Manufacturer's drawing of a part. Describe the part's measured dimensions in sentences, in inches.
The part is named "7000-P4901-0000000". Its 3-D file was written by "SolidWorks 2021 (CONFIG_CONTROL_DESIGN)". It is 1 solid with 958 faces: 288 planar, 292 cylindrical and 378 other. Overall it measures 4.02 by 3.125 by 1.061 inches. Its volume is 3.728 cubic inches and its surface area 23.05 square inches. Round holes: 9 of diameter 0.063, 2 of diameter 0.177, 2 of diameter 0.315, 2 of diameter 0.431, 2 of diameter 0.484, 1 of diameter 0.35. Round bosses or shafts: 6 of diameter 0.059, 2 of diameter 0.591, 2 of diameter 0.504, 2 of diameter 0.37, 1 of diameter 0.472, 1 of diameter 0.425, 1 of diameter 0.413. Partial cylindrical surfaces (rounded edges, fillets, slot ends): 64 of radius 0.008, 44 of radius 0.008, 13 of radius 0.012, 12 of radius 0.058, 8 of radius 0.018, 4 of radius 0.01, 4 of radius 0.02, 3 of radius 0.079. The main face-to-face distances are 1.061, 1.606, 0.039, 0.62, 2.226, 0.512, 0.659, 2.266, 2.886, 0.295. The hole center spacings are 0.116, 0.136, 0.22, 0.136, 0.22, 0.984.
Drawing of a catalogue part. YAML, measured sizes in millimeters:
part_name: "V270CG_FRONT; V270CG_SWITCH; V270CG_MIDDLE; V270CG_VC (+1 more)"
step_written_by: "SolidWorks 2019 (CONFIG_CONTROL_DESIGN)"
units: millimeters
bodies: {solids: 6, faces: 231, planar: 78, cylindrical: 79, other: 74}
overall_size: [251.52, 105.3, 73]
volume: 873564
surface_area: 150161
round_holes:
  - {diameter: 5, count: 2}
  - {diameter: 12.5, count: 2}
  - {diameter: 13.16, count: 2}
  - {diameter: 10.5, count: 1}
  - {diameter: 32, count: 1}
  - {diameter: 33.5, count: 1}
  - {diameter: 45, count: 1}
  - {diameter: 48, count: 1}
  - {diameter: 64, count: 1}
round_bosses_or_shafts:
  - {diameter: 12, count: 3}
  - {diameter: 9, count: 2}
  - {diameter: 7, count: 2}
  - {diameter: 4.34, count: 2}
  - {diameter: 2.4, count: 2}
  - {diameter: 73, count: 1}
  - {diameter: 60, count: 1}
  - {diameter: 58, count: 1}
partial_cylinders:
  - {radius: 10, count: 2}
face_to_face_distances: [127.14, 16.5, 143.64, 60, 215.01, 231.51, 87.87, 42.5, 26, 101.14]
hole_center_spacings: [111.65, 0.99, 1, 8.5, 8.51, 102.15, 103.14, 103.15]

========

All of the entries above are to be written out again exactly.

Task response:
Manufacturer's drawing of a part. Describe the part's measured dimensions in sentences, in inches.
The part is named "7000-P4901-0000000". Its 3-D file was written by "SolidWorks 2021 (CONFIG_CONTROL_DESIGN)". It is 1 solid with 958 faces: 288 planar, 292 cylindrical and 378 other. Overall it measures 4.02 by 3.125 by 1.061 inches. Its volume is 3.728 cubic inches and its surface area 23.05 square inches. Round holes: 9 of diameter 0.063, 2 of diameter 0.177, 2 of diameter 0.315, 2 of diameter 0.431, 2 of diameter 0.484, 1 of diameter 0.35. Round bosses or shafts: 6 of diameter 0.059, 2 of diameter 0.591, 2 of diameter 0.504, 2 of diameter 0.37, 1 of diameter 0.472, 1 of diameter 0.425, 1 of diameter 0.413. Partial cylindrical surfaces (rounded edges, fillets, slot ends): 64 of radius 0.008, 44 of radius 0.008, 13 of radius 0.012, 12 of radius 0.058, 8 of radius 0.018, 4 of radius 0.01, 4 of radius 0.02, 3 of radius 0.079. The main face-to-face distances are 1.061, 1.606, 0.039, 0.62, 2.226, 0.512, 0.659, 2.266, 2.886, 0.295. The hole center spacings are 0.116, 0.136, 0.22, 0.136, 0.22, 0.984.
Drawing of a catalogue part. YAML, measured sizes in millimeters:
part_name: "V270CG_FRONT; V270CG_SWITCH; V270CG_MIDDLE; V270CG_VC (+1 more)"
step_written_by: "SolidWorks 2019 (CONFIG_CONTROL_DESIGN)"
units: millimeters
bodies: {solids: 6, faces: 231, planar: 78, cylindrical: 79, other: 74}
overall_size: [251.52, 105.3, 73]
volume: 873564
surface_area: 150161
round_holes:
  - {diameter: 5, count: 2}
  - {diameter: 12.5, count: 2}
  - {diameter: 13.16, count: 2}
  - {diameter: 10.5, count: 1}
  - {diameter: 32, count: 1}
  - {diameter: 33.5, count: 1}
  - {diameter: 45, count: 1}
  - {diameter: 48, count: 1}
  - {diameter: 64, count: 1}
round_bosses_or_shafts:
  - {diameter: 12, count: 3}
  - {diameter: 9, count: 2}
  - {diameter: 7, count: 2}
  - {diameter: 4.34, count: 2}
  - {diameter: 2.4, count: 2}
  - {diameter: 73, count: 1}
  - {diameter: 60, count: 1}
  - {diameter: 58, count: 1}
partial_cylinders:
  - {radius: 10, count: 2}
face_to_face_distances: [127.14, 16.5, 143.64, 60, 215.01, 231.51, 87.87, 42.5, 26, 101.14]
hole_center_spacings: [111.65, 0.99, 1, 8.5, 8.51, 102.15, 103.14, 103.15]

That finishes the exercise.